I am following the Hamiltonian simulation: https://strawberryfields.ai/photonics/demos/run_hamiltonian_simulation.html#id14 for continuous variable (CV) [qumodes] and was wondering if there is any support to get the ground state energy using parametrized circuits like VQE in this setup. Also, is there any place to see how QITE (quantum imaginary time evolution) can be applied in strawberryfields (in case this is the only way yet possible)?
Hi @rgjha, welcome to the Forum!
I haven’t tried it myself but maybe you could program a VQE algorithm in PennyLane (you can follow this demo) and use the PennyLane-SF plugin to run it on StrawberryFields.
I’m not sure I understand the second part of your question. What do you mean by “in case this is the only way yet possible”? Does the Quantum Natural Gradient Optimizer in PennyLane do what you need? You can learn more about it in this demo. For VQE-like problems, the objective function for the optimizer can be a qnode that returns the expectation value of a Hamiltonian.
Please let me know this is what you needed!
Hi @CatalinaAlbornoz, thanks for your reply. I think what you suggest about PennyLane-SF plugin might indeed be useful.
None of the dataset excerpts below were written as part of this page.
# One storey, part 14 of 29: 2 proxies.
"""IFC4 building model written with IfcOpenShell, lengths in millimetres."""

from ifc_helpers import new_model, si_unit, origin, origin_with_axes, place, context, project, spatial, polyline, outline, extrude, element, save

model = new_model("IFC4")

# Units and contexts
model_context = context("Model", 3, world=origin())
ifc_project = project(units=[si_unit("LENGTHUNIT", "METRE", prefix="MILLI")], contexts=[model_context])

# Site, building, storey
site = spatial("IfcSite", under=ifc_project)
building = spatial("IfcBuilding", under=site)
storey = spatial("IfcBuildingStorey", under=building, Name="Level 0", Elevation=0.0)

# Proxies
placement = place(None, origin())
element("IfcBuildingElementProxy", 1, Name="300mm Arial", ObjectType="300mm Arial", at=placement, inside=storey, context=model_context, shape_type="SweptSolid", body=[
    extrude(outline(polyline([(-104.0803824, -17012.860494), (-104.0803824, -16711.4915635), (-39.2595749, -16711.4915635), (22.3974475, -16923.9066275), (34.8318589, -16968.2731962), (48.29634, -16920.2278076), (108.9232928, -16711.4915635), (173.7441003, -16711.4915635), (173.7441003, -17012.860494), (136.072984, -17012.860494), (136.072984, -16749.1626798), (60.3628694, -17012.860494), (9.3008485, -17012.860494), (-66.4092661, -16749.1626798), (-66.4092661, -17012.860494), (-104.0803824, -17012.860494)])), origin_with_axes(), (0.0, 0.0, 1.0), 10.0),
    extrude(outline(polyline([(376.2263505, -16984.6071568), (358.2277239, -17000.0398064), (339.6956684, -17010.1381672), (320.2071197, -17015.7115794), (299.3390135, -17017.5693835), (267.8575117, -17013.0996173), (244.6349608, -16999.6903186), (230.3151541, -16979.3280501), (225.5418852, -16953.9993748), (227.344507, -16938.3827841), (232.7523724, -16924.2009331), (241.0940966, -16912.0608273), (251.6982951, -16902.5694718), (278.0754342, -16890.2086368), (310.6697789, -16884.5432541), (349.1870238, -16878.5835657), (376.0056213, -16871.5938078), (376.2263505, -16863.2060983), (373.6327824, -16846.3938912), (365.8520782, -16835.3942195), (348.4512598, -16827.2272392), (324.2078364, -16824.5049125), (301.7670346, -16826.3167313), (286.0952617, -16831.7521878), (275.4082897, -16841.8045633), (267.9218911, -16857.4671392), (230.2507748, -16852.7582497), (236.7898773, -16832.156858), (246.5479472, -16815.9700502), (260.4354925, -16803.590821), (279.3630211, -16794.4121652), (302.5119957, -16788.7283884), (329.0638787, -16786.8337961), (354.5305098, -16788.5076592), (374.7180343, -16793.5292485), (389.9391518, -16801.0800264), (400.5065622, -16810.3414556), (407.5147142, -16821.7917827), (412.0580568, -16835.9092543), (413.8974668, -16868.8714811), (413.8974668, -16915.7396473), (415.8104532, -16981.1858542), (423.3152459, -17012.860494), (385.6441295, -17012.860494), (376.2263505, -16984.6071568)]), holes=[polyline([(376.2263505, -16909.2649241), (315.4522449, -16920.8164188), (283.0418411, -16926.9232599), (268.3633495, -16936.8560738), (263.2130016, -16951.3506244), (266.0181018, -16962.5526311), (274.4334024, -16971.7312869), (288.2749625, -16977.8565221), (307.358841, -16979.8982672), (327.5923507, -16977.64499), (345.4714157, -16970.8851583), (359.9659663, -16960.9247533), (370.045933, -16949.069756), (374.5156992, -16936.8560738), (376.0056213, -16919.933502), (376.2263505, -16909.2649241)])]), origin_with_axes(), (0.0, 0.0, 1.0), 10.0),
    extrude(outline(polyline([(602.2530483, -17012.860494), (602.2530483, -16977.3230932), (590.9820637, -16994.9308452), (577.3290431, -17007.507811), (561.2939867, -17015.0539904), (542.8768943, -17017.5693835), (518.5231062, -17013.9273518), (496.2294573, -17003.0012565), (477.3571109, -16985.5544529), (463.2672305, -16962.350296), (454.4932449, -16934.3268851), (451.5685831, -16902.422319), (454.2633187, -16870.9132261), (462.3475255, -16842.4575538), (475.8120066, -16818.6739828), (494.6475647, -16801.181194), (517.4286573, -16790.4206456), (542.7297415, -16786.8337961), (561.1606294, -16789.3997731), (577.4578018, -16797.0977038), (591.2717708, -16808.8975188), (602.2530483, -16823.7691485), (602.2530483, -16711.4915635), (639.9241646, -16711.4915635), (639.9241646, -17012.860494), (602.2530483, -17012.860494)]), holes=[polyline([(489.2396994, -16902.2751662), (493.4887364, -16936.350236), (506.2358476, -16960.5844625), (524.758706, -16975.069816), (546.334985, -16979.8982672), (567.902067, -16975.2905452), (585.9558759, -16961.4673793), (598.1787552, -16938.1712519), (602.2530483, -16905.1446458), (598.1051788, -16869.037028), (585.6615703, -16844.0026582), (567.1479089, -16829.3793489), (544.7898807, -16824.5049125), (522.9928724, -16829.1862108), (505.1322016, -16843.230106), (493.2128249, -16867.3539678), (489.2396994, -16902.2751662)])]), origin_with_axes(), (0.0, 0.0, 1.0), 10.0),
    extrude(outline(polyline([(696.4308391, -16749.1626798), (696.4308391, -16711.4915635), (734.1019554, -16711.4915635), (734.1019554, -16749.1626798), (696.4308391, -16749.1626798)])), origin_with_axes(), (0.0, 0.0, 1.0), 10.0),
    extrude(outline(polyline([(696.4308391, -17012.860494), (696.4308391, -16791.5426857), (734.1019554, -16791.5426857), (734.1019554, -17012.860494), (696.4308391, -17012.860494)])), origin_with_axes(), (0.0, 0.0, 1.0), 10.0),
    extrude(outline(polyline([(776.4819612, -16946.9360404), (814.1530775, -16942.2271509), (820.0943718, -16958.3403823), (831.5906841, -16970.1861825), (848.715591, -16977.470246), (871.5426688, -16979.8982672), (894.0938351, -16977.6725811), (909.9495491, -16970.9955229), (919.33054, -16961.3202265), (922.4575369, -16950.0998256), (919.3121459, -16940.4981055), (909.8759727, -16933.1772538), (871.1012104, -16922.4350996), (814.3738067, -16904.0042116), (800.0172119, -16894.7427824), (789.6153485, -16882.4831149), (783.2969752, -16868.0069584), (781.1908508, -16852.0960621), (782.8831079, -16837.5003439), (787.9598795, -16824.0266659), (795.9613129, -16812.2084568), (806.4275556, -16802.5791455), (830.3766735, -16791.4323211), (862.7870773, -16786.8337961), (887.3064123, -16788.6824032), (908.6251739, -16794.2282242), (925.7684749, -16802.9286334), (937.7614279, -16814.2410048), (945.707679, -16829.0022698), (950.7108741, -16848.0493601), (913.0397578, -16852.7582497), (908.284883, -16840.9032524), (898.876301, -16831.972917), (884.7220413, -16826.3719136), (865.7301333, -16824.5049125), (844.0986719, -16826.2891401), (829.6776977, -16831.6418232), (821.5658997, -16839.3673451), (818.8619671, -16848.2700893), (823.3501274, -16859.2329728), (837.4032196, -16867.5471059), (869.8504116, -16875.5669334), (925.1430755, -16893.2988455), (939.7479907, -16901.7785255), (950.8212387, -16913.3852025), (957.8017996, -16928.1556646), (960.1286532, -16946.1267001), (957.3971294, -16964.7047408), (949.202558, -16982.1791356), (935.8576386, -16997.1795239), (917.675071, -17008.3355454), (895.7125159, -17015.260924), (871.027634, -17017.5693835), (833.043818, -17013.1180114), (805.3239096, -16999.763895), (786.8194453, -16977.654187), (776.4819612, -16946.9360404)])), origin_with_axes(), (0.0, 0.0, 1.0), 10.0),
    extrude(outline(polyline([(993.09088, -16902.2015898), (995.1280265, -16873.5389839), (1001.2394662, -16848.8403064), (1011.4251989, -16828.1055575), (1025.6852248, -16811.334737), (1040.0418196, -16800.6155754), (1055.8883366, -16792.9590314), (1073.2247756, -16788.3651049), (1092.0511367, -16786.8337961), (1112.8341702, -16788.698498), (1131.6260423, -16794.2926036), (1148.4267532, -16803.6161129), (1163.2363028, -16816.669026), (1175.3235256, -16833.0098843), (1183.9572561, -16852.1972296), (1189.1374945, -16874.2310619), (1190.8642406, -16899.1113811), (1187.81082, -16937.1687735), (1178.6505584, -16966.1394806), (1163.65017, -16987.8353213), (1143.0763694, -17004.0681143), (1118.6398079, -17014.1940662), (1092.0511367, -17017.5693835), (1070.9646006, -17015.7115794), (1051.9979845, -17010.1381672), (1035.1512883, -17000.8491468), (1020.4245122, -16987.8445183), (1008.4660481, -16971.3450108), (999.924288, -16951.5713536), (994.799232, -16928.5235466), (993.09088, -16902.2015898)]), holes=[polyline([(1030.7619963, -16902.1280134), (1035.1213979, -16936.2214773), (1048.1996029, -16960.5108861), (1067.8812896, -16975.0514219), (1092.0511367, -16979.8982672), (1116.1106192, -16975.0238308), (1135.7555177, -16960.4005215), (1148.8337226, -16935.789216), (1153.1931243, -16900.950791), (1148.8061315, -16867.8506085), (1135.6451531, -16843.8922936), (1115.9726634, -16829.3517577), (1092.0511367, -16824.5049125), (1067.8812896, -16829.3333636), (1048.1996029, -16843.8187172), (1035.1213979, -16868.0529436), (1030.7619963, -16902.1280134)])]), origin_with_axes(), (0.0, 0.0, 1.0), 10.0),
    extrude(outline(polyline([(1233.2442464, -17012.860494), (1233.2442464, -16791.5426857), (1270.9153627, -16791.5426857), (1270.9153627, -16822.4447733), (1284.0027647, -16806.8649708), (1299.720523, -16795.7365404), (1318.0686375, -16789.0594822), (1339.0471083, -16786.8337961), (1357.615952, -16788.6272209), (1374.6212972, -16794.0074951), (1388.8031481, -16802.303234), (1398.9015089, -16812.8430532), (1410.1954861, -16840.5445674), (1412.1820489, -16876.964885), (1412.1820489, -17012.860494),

In the second part, I was thinking about the computation of the expectation value of a Hamiltonian directly in SF. QITE is one method people have explored (https://arxiv.org/abs/2107.00791) so I was asking for native SF methods apart from this. With qubits, I am aware of how to do this but not so with continuous variables. In a recent Bosonic QISKIT paper Sec VI B (https://arxiv.org/abs/2209.11153), it was mentioned that they want to do this. Naturally, I was thinking if there is any simulator that has done it already and hence the question. Apart from what you have replied, I would appreciate it if you can post more details as they evolve in the future. Thanks a lot.
Hi @rgjha,
I think that using the PennyLane-SF plugin may be the easiest way but if you want to use SF directly you can try using the TimeEvolution function that we have in Strawberry Fields. I’m not sure that it will work for what you’re looking to do but it’s worth taking a look at it.
Regarding the expectation value of a Hamiltonian we don’t have something like this in SF (we do have it in PennyLane) but we have a function to calculate the expectation value of samples samples_expectation.
Is this what you were looking for?